PROMPT: Exactly retype the opening line of the entries and every line after it, ending with the line that contains "made of it])". Skip all pictures.

DATA RECORDS:
◆ ◆ ◆ ◆ ◆

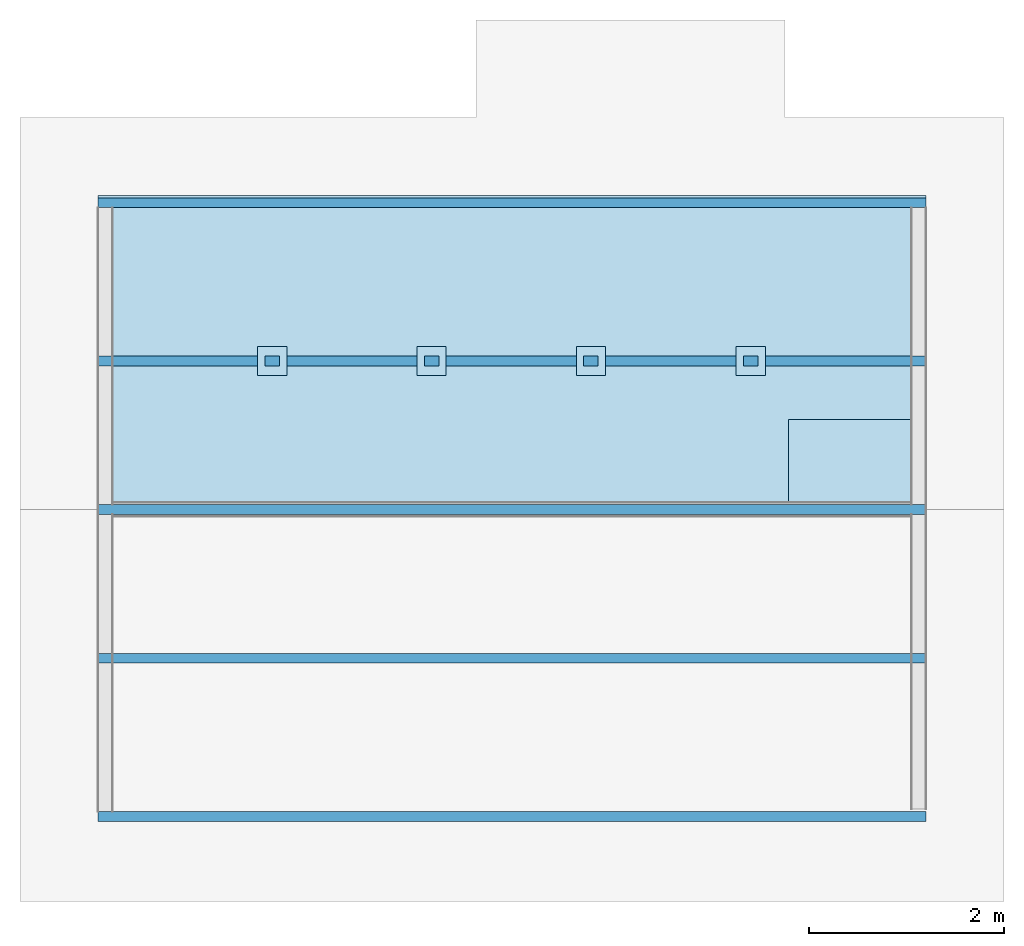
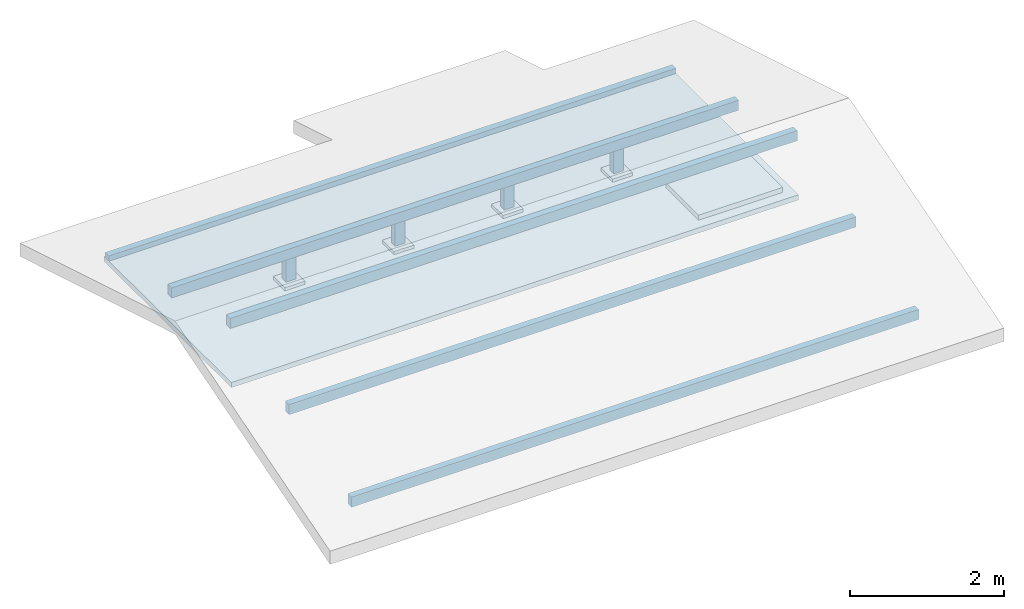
# One storey, part 1 of 4: 6 slabs, 5 beams, 4 columns.
"""IFC2X3 building model written with IfcOpenShell, lengths in millimetres."""

import ifcopenshell
import ifcopenshell.guid

model = None  # the IFC model being written
_history = None  # IfcOwnerHistory: only IFC2X3 demands one
_inside = {}  # id of a spatial element -> (the spatial element, [elements in it])
_under = {}  # id of a project, library or spatial element -> (it, [spatial elements below it])
_declared = {}  # id of a project -> (the project, [libraries it declares])
_typed = {}  # id of a type object -> (the type object, [elements of that type])
_made_of = {}  # id of a material, layer set ... -> (it, [elements and type objects made of it])


def new_model(schema):
    """Start an empty IFC model of exactly this schema.

    Asked for "IFC4X3", IfcOpenShell would pick the latest addendum, in which some entities
    have other attributes; the version numbers below select the first issue.
    IFC2X3 requires an IfcOwnerHistory on every rooted entity: one is made here for all.
    """
    global model, _history
    if schema == "IFC4X3":
        model = ifcopenshell.file(schema_version=(4, 3, 0, 0))
    else:
        model = ifcopenshell.file(schema=schema)
    _inside.clear()
    _under.clear()
    _declared.clear()
    _typed.clear()
    _made_of.clear()
    _history = None
    if model.schema == "IFC2X3":
        org = make("IfcOrganization", Name="unknown")
        user = make(
            "IfcPersonAndOrganization",
            ThePerson=make("IfcPerson", FamilyName="unknown"),
            TheOrganization=org,
        )
        app = make(
            "IfcApplication",
            ApplicationDeveloper=org,
            Version="unknown",
            ApplicationFullName="unknown",
            ApplicationIdentifier="unknown",
        )
        _history = make(
            "IfcOwnerHistory",
            OwningUser=user,
            OwningApplication=app,
            ChangeAction="ADDED",
            CreationDate=0,
        )
    return model


def make(cls, **values):
    """One entity of the class cls with the attributes given. An attribute that is None is left unset."""
    return model.create_entity(
        cls, **{name: value for name, value in values.items() if value is not None}
    )


def entity(cls, *values):
    """Any entity or typed value of the class cls, its attributes in the order of the schema. None: left unset."""
    e = model.create_entity(cls)
    for i, value in enumerate(values):
        if value is not None:
            e[i] = value
    return e


def rooted(cls, **values):
    """An entity with a GlobalId (a new one), such as an element, a storey or a relation."""
    return make(cls, GlobalId=ifcopenshell.guid.new(), OwnerHistory=_history, **values)


def si_unit(unit_type, name, prefix=None):
    """IfcSIUnit, for example si_unit("LENGTHUNIT", "METRE", prefix="MILLI")."""
    return make("IfcSIUnit", UnitType=unit_type, Prefix=prefix, Name=name)


def converted_unit(unit_type, name, factor, base, dimensions=None, offset=None):
    """IfcConversionBasedUnit, such as the inch: factor (a typed value) times the base unit."""
    return make(
        "IfcConversionBasedUnit"
        if offset is None
        else "IfcConversionBasedUnitWithOffset",
        ConversionOffset=offset,
        Dimensions=None
        if dimensions is None
        else entity("IfcDimensionalExponents", *dimensions),
        UnitType=unit_type,
        Name=name,
        ConversionFactor=make(
            "IfcMeasureWithUnit", ValueComponent=factor, UnitComponent=base
        ),
    )


def derived_unit(unit_type, elements):
    """IfcDerivedUnit: a product of units, each with its exponent."""
    return make(
        "IfcDerivedUnit",
        Elements=[
            make("IfcDerivedUnitElement", Unit=unit, Exponent=power)
            for unit, power in elements
        ],
        UnitType=unit_type,
    )


def money_unit(currency):
    """IfcMonetaryUnit."""
    return make("IfcMonetaryUnit", Currency=currency)


def assignment(units):
    """IfcUnitAssignment: the units of a project."""
    return None if units is None else make("IfcUnitAssignment", Units=units)


def point(xyz):
    """IfcCartesianPoint."""
    return None if xyz is None else make("IfcCartesianPoint", Coordinates=xyz)


def direction(xyz):
    """IfcDirection."""
    return None if xyz is None else make("IfcDirection", DirectionRatios=xyz)


def frame(location, z_axis=None, x_axis=None):
    """IfcAxis2Placement3D, a coordinate frame: its origin and axes. An axis left out is left unset."""
    return make(
        "IfcAxis2Placement3D",
        Location=point(location),
        Axis=direction(z_axis),
        RefDirection=direction(x_axis),
    )


def frame_2d(location, x_axis=None):
    """IfcAxis2Placement2D, a coordinate frame in the plane: its origin and x axis."""
    return make(
        "IfcAxis2Placement2D", Location=point(location), RefDirection=direction(x_axis)
    )


def origin_with_axes():
    """The frame at (0, 0, 0) with the z axis (0, 0, 1) and the x axis (1, 0, 0) written out."""
    return frame((0.0, 0.0, 0.0), z_axis=(0.0, 0.0, 1.0), x_axis=(1.0, 0.0, 0.0))


def origin_2d_with_axis():
    """The frame at (0, 0) in the plane with the x axis (1, 0) written out."""
    return frame_2d((0.0, 0.0), x_axis=(1.0, 0.0))


def place(relative_to, where):
    """IfcLocalPlacement: puts the frame where relative to a parent placement (None: the world)."""
    return make(
        "IfcLocalPlacement", PlacementRelTo=relative_to, RelativePlacement=where
    )


def context(
    kind, dimensions, precision=None, world=None, true_north=None, identifier=None
):
    """IfcGeometricRepresentationContext, for example the 3D "Model" context."""
    return make(
        "IfcGeometricRepresentationContext",
        ContextIdentifier=identifier,
        ContextType=kind,
        CoordinateSpaceDimension=dimensions,
        Precision=precision,
        WorldCoordinateSystem=world,
        TrueNorth=true_north,
    )


def subcontext(parent, identifier, kind, view, scale=None):
    """IfcGeometricRepresentationSubContext, for example "Body" below "Model"."""
    return make(
        "IfcGeometricRepresentationSubContext",
        ContextIdentifier=identifier,
        ContextType=kind,
        ParentContext=parent,
        TargetScale=scale,
        TargetView=view,
    )


def project(units=None, contexts=None):
    """IfcProject with its units and contexts."""
    return rooted(
        "IfcProject",
        Name="project",
        RepresentationContexts=contexts,
        UnitsInContext=assignment(units),
    )


def spatial(cls, under=None, at=None, **own):
    """A site, building, storey or space (cls), placed at a placement, below another one or the project."""
    s = rooted(cls, ObjectPlacement=at, **own)
    if under is not None:
        _under.setdefault(under.id(), (under, []))[1].append(s)
    return s


def polyline(points):
    """IfcPolyline through the points."""
    return make("IfcPolyline", Points=[point(p) for p in points])


def profile(cls, at=None, kind="AREA", **sizes):
    """A parametric profile (cls). Its sizes go by their IFC names, for example OverallWidth=200.0."""
    return make(cls, ProfileType=kind, Position=at, **sizes)


def rectangle(**sizes):
    """IfcRectangleProfileDef."""
    return profile("IfcRectangleProfileDef", **sizes)


def outline(outer, holes=None, kind="AREA"):
    """IfcArbitraryClosedProfileDef: a profile drawn as a closed curve; with holes, ...WithVoids."""
    if holes is None:
        return make("IfcArbitraryClosedProfileDef", ProfileType=kind, OuterCurve=outer)
    return make(
        "IfcArbitraryProfileDefWithVoids",
        ProfileType=kind,
        OuterCurve=outer,
        InnerCurves=holes,
    )


def extrude(swept, where, along, depth):
    """IfcExtrudedAreaSolid: the profile swept, set in the frame where, extruded along a direction by depth."""
    return make(
        "IfcExtrudedAreaSolid",
        SweptArea=swept,
        Position=where,
        ExtrudedDirection=direction(along),
        Depth=depth,
    )


def shape(context_of_items, identifier, shape_type, items):
    """IfcShapeRepresentation: the items that make up one representation, for example the "Body"."""
    return make(
        "IfcShapeRepresentation",
        ContextOfItems=context_of_items,
        RepresentationIdentifier=identifier,
        RepresentationType=shape_type,
        Items=items,
    )


def material(Name=None, Category=None):
    """IfcMaterial."""
    return make("IfcMaterial", Name=Name, Category=Category)


def layer(
    of_material, thickness, ventilated=None, Name=None, Category=None, Priority=None
):
    """IfcMaterialLayer: one layer of a wall or slab, of a material (None: an air gap)."""
    return make(
        "IfcMaterialLayer",
        Material=of_material,
        LayerThickness=thickness,
        IsVentilated=ventilated,
        Name=Name,
        Category=Category,
        Priority=Priority,
    )


def layer_set(layers, Name=None):
    """IfcMaterialLayerSet."""
    return make("IfcMaterialLayerSet", MaterialLayers=layers, LayerSetName=Name)


def layer_usage(for_layer_set, set_direction, sense, offset, extent=None):
    """IfcMaterialLayerSetUsage: how a layer set lies in its element."""
    return make(
        "IfcMaterialLayerSetUsage",
        ForLayerSet=for_layer_set,
        LayerSetDirection=set_direction,
        DirectionSense=sense,
        OffsetFromReferenceLine=offset,
        ReferenceExtent=extent,
    )


def made_of(thing, what):
    """Note that an element or type object is made of a material, layer set ...; save() writes the relation."""
    if what is not None:
        _made_of.setdefault(what.id(), (what, []))[1].append(thing)
    return thing


def type_object(cls, material=None, **own):
    """A type object (cls), such as IfcWallType, which elements share."""
    return made_of(rooted(cls, **own), material)


def element(
    cls,
    number,
    at=None,
    inside=None,
    cuts=None,
    type_object=None,
    material=None,
    context=None,
    identifier="Body",
    shape_type=None,
    held_by="IfcProductDefinitionShape",
    body=None,
    shapes=None,
    **own,
):
    """One element of the class cls, such as IfcWall. Its Tag is "e" and its number.

    at: its placement. inside: the storey or other place that contains it. cuts: it is an
    opening in that element (IfcRelVoidsElement). A single representation is given by context,
    identifier, shape_type and body (its items); several are given by shapes. held_by: the class
    of the entity that holds the representations. save() writes the other relations.
    """
    e = rooted(cls, Tag="e%d" % number, ObjectPlacement=at, **own)
    if body is not None:
        shapes = [shape(context, identifier, shape_type, body)]
    if shapes is not None:
        e.Representation = make(held_by, Representations=shapes)
    if inside is not None:
        _inside.setdefault(inside.id(), (inside, []))[1].append(e)
    if cuts is not None:
        rooted(
            "IfcRelVoidsElement", RelatingBuildingElement=cuts, RelatedOpeningElement=e
        )
    if type_object is not None:
        _typed.setdefault(type_object.id(), (type_object, []))[1].append(e)
    return made_of(e, material)


def aggregate(whole, parts):
    """IfcRelAggregates: a whole, such as a stair, and the parts it consists of."""
    return rooted("IfcRelAggregates", RelatingObject=whole, RelatedObjects=parts)


def save(model, path):
    """Write the relations noted so far, then the file.

    IfcRelAggregates (storeys below a building ...), IfcRelContainedInSpatialStructure (elements
    in a storey), IfcRelDefinesByType, IfcRelAssociatesMaterial and IfcRelDeclares: one each for
    every whole, place, type object, material and project.
    """
    for whole, parts in _under.values():
        aggregate(whole, parts)
    for where, things in _inside.values():
        rooted(
            "IfcRelContainedInSpatialStructure",
            RelatedElements=things,
            RelatingStructure=where,
        )
    for kind, things in _typed.values():
        rooted("IfcRelDefinesByType", RelatedObjects=things, RelatingType=kind)
    for what, things in _made_of.values():
        rooted("IfcRelAssociatesMaterial", RelatedObjects=things, RelatingMaterial=what)
    for by, libraries in _declared.values():
        rooted("IfcRelDeclares", RelatingContext=by, RelatedDefinitions=libraries)
    model.write(path)


model = new_model("IFC2X3")

# Units and contexts
model_context = context("Model", 3, precision=0.01, world=origin_with_axes(), true_north=direction((0.0, 1.0)))
body_context = subcontext(model_context, "Body", "Model", "MODEL_VIEW")
ifc_project = project(units=[si_unit("LENGTHUNIT", "METRE", prefix="MILLI"), si_unit("AREAUNIT", "SQUARE_METRE"), si_unit("VOLUMEUNIT", "CUBIC_METRE"), converted_unit("PLANEANGLEUNIT", "DEGREE", entity("IfcPlaneAngleMeasure", 0.0174532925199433), si_unit("PLANEANGLEUNIT", "RADIAN"), dimensions=[0, 0, 0, 0, 0, 0, 0]), money_unit("USD"), converted_unit("TIMEUNIT", "Year", entity("IfcTimeMeasure", 31557600.0), si_unit("TIMEUNIT", "SECOND"), dimensions=[0, 0, 1, 0, 0, 0, 0]), si_unit("MASSUNIT", "GRAM", prefix="KILO"), si_unit("THERMODYNAMICTEMPERATUREUNIT", "DEGREE_CELSIUS"), si_unit("LUMINOUSINTENSITYUNIT", "LUMEN"), si_unit("ENERGYUNIT", "JOULE", prefix="MEGA"), derived_unit("THERMALCONDUCTANCEUNIT", [(si_unit("POWERUNIT", "WATT"), 1), (si_unit("LENGTHUNIT", "METRE"), -1), (si_unit("THERMODYNAMICTEMPERATUREUNIT", "KELVIN"), -1)]), derived_unit("SPECIFICHEATCAPACITYUNIT", [(si_unit("ENERGYUNIT", "JOULE"), 1), (si_unit("MASSUNIT", "GRAM", prefix="KILO"), -1), (si_unit("THERMODYNAMICTEMPERATUREUNIT", "KELVIN"), -1)]), derived_unit("MASSDENSITYUNIT", [(si_unit("MASSUNIT", "GRAM", prefix="KILO"), 1), (si_unit("VOLUMEUNIT", "CUBIC_METRE"), -1)])], contexts=[model_context])

# Site, building, storey
site_placement = place(None, origin_with_axes())
site = spatial("IfcSite", under=ifc_project, at=site_placement, Name="Local", CompositionType="ELEMENT")
building_placement = place(site_placement, origin_with_axes())
building = spatial("IfcBuilding", under=site, at=building_placement, Name="Construção", CompositionType="ELEMENT")
storey_placement = place(building_placement, frame((0.0, 0.0, 2500.0), z_axis=(0.0, 0.0, 1.0), x_axis=(1.0, 0.0, 0.0)))
storey = spatial("IfcBuildingStorey", under=building, at=storey_placement, Name="Cobertura", CompositionType="ELEMENT", Elevation=2500.0)

# Columns
ifc_material_1 = material(Name="Madeiramento - Cobertura")
column_type = type_object("IfcColumnType", Name="Madeiramento - Cobertura 150 x 100", PredefinedType="NOTDEFINED")
for number, where, z_axis, x_axis, name in (
    (1, (3425.000000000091, 4750.000000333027, 129.9999999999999), (0.0, 0.0, 1.0), (1.0, 0.0, 0.0), "PIL03"),
    (2, (5060.000000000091, 4750.000000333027, 130.0000000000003), (0.0, 0.0, 1.0), (1.0, 0.0, 0.0), "PIL02"),
    (3, (1790.000000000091, 4750.000000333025, 129.9999999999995), (0.0, 0.0, 1.0), (1.0, 0.0, 0.0), "PIL04"),
    (4, (6700.000000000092, 4750.000000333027, 130.0000000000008), (0.0, 0.0, 1.0), (1.0, 0.0, 0.0), "PIL01"),
):
    element("IfcColumn", number, at=place(storey_placement, frame(where, z_axis=z_axis, x_axis=x_axis)), inside=storey, type_object=column_type, material=ifc_material_1, Name=name, context=body_context, shape_type="SweptSolid", body=[
        extrude(rectangle(XDim=150.0, YDim=100.0, at=origin_2d_with_axis()), origin_with_axes(), (0.0, 0.0, 1.0), 350.0000000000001),
    ])

# Beams
beam_type_1 = type_object("IfcBeamType", Name="Madeiramento - Cobertura 100 x 160", PredefinedType="NOTDEFINED")
for number, where, z_axis, x_axis, name in (
    (5, (0.0, 74.99999999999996, 160.0000000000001), (0.0, 0.0, 1.0), (0.0, -1.0, 0.0), "T01"),
    (6, (0.0, 3225.000000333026, 1082.951740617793), (0.0, 0.0, 1.0), (0.0, -1.0, 0.0), "T03"),
    (7, (0.0, 1700.000000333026, 640.4517406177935), (0.0, 0.0, 1.0), (0.0, -1.0, 0.0), "T02"),
    (8, (0.0, 4750.000000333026, 640.4517407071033), (0.0, 0.0, 1.0), (0.0, -1.0, 0.0), "T04"),
):
    element("IfcBeam", number, at=place(storey_placement, frame(where, z_axis=z_axis, x_axis=x_axis)), inside=storey, type_object=beam_type_1, material=ifc_material_1, Name=name, context=body_context, shape_type="SweptSolid", body=[
        extrude(rectangle(XDim=160.0, YDim=100.0, at=frame_2d((-80.0, 0.0), x_axis=(1.0, 0.0))), frame((0.0, 0.0, 0.0), z_axis=(0.0, 1.0, 0.0), x_axis=(0.0, 0.0, 1.0)), (0.0, 0.0, 1.0), 8500.0),
    ])
beam_type_2 = type_object("IfcBeamType", Name="Madeiramento - Cobertura 100 x 80", PredefinedType="NOTDEFINED")
beam_placement = place(storey_placement, frame((0.0, 6375.000000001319, 160.0000000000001), z_axis=(0.0, 0.0, 1.0), x_axis=(0.0, -1.0, 0.0)))
element("IfcBeam", 9, at=beam_placement, inside=storey, type_object=beam_type_2, material=ifc_material_1, Name="T05", context=body_context, shape_type="SweptSolid", body=[
    extrude(rectangle(XDim=80.0, YDim=100.0, at=frame_2d((-40.0, 0.0), x_axis=(1.0, 0.0))), frame((0.0, 0.0, 0.0), z_axis=(0.0, 1.0, 0.0), x_axis=(0.0, 0.0, 1.0)), (0.0, 0.0, 1.0), 8500.0),
])

# Slabs
ifc_material_2 = material(Name="Concreto Armado - Estrutural")
ifc_layer_1 = layer(ifc_material_2, 80.0, ventilated="UNKNOWN")
ifc_layer_set_1 = layer_set([ifc_layer_1], Name="Concreto Armado - Estrutural 80")
ifc_layer_usage_1 = layer_usage(ifc_layer_set_1, "AXIS3", "NEGATIVE", 80.0)
slab_type_1 = type_object("IfcSlabType", Name="Concreto Armado - Estrutural 80", PredefinedType="NOTDEFINED")
slab_1_placement = place(storey_placement, frame((0.0, 3149.999999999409, 0.0), z_axis=(0.0, 0.0, 1.0), x_axis=(1.0, 0.0, 0.0)))
element("IfcSlab", 10, at=slab_1_placement, inside=storey, type_object=slab_type_1, material=ifc_layer_usage_1, Name="L02", PredefinedType="NOTDEFINED", context=body_context, shape_type="SweptSolid", body=[
    extrude(outline(polyline([(0.0, 0.0), (8500.0, 0.0), (8500.0, 3300.000000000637), (0.0, 3300.000000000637), (0.0, 0.0)])), origin_with_axes(), (0.0, 0.0, 1.0), 80.0),
])
ifc_layer_2 = layer(ifc_material_1, 50.0, ventilated="UNKNOWN")
ifc_layer_set_2 = layer_set([ifc_layer_2], Name="Madeiramento - Cobertura 50")
ifc_layer_usage_2 = layer_usage(ifc_layer_set_2, "AXIS3", "NEGATIVE", 50.0)
slab_type_2 = type_object("IfcSlabType", Name="Madeiramento - Cobertura 50", PredefinedType="NOTDEFINED")
slab_2_placement = place(storey_placement, frame((6850.000000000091, 4900.000000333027, 79.99999999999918), z_axis=(0.0, 0.0, 1.0), x_axis=(1.0, 0.0, 0.0)))
element("IfcSlab", 11, at=slab_2_placement, inside=storey, type_object=slab_type_2, material=ifc_layer_usage_2, Name="PL01", PredefinedType="NOTDEFINED", context=body_context, shape_type="SweptSolid", body=[
    extrude(outline(polyline([(0.0, 0.0), (-299.9999999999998, 0.0), (-299.9999999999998, -299.9999999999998), (0.0, -299.9999999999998), (0.0, 0.0)])), origin_with_axes(), (0.0, 0.0, 1.0), 50.0),
])
ifc_layer_usage_3 = layer_usage(ifc_layer_set_2, "AXIS3", "NEGATIVE", 50.0)
slab_3_placement = place(storey_placement, frame((5210.000000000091, 4900.000000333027, 79.99999999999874), z_axis=(0.0, 0.0, 1.0), x_axis=(1.0, 0.0, 0.0)))
element("IfcSlab", 12, at=slab_3_placement, inside=storey, type_object=slab_type_2, material=ifc_layer_usage_3, Name="PL02", PredefinedType="NOTDEFINED", context=body_context, shape_type="SweptSolid", body=[
    extrude(outline(polyline([(0.0, 0.0), (-299.9999999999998, 0.0), (-299.9999999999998, -299.9999999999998), (0.0, -299.9999999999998), (0.0, 0.0)])), origin_with_axes(), (0.0, 0.0, 1.0), 50.0),
])
ifc_layer_usage_4 = layer_usage(ifc_layer_set_2, "AXIS3", "NEGATIVE", 50.0)
slab_4_placement = place(storey_placement, frame((3575.00000000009, 4900.000000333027, 79.9999999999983), z_axis=(0.0, 0.0, 1.0), x_axis=(1.0, 0.0, 0.0)))
element("IfcSlab", 13, at=slab_4_placement, inside=storey, type_object=slab_type_2, material=ifc_layer_usage_4, Name="PL03", PredefinedType="NOTDEFINED", context=body_context, shape_type="SweptSolid", body=[
    extrude(outline(polyline([(0.0, 0.0), (-299.9999999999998, 0.0), (-299.9999999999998, -299.9999999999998), (0.0, -299.9999999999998), (0.0, 0.0)])), origin_with_axes(), (0.0, 0.0, 1.0), 50.0),
])
ifc_layer_usage_5 = layer_usage(ifc_layer_set_2, "AXIS3", "NEGATIVE", 50.0)
slab_5_placement = place(storey_placement, frame((1940.000000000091, 4900.000000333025, 79.99999999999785), z_axis=(0.0, 0.0, 1.0), x_axis=(1.0, 0.0, 0.0)))
element("IfcSlab", 14, at=slab_5_placement, inside=storey, type_object=slab_type_2, material=ifc_layer_usage_5, Name="PL04", PredefinedType="NOTDEFINED", context=body_context, shape_type="SweptSolid", body=[
    extrude(outline(polyline([(0.0, 0.0), (-299.9999999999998, 0.0), (-299.9999999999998, -299.9999999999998), (0.0, -299.9999999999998), (0.0, 0.0)])), origin_with_axes(), (0.0, 0.0, 1.0), 50.0),
])
ifc_material_3 = material(Name="Concreto")
ifc_layer_3 = layer(ifc_material_3, 80.0, ventilated="UNKNOWN")
ifc_layer_set_3 = layer_set([ifc_layer_3], Name="Concreto 80")
ifc_layer_usage_6 = layer_usage(ifc_layer_set_3, "AXIS3", "NEGATIVE", 80.0)
slab_type_3 = type_object("IfcSlabType", Name="Concreto 80", PredefinedType="FLOOR")
slab_6_placement = place(storey_placement, frame((8350.0, 3299.99999999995, 80.00000000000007), z_axis=(0.0, 0.0, 1.0), x_axis=(1.0, 0.0, 0.0)))
element("IfcSlab", 15, at=slab_6_placement, inside=storey, type_object=slab_type_3, material=ifc_layer_usage_6, Name="CP01", PredefinedType="FLOOR", context=body_context, shape_type="SweptSolid", body=[
    extrude(outline(polyline([(0.0, 0.0), (0.0, 850.0000000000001), (-1260.0, 850.0000000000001), (-1260.0, 0.0), (0.0, 0.0)])), origin_with_axes(), (0.0, 0.0, 1.0), 80.0),
])

save(model, "model.ifc")

◆ ◆ ◆ ◆ ◆

EXERCISE RESPONSE:
# One storey, part 1 of 4: 6 slabs, 5 beams, 4 columns.
"""IFC2X3 building model written with IfcOpenShell, lengths in millimetres."""

import ifcopenshell
import ifcopenshell.guid

model = None  # the IFC model being written
_history = None  # IfcOwnerHistory: only IFC2X3 demands one
_inside = {}  # id of a spatial element -> (the spatial element, [elements in it])
_under = {}  # id of a project, library or spatial element -> (it, [spatial elements below it])
_declared = {}  # id of a project -> (the project, [libraries it declares])
_typed = {}  # id of a type object -> (the type object, [elements of that type])
_made_of = {}  # id of a material, layer set ... -> (it, [elements and type objects made of it])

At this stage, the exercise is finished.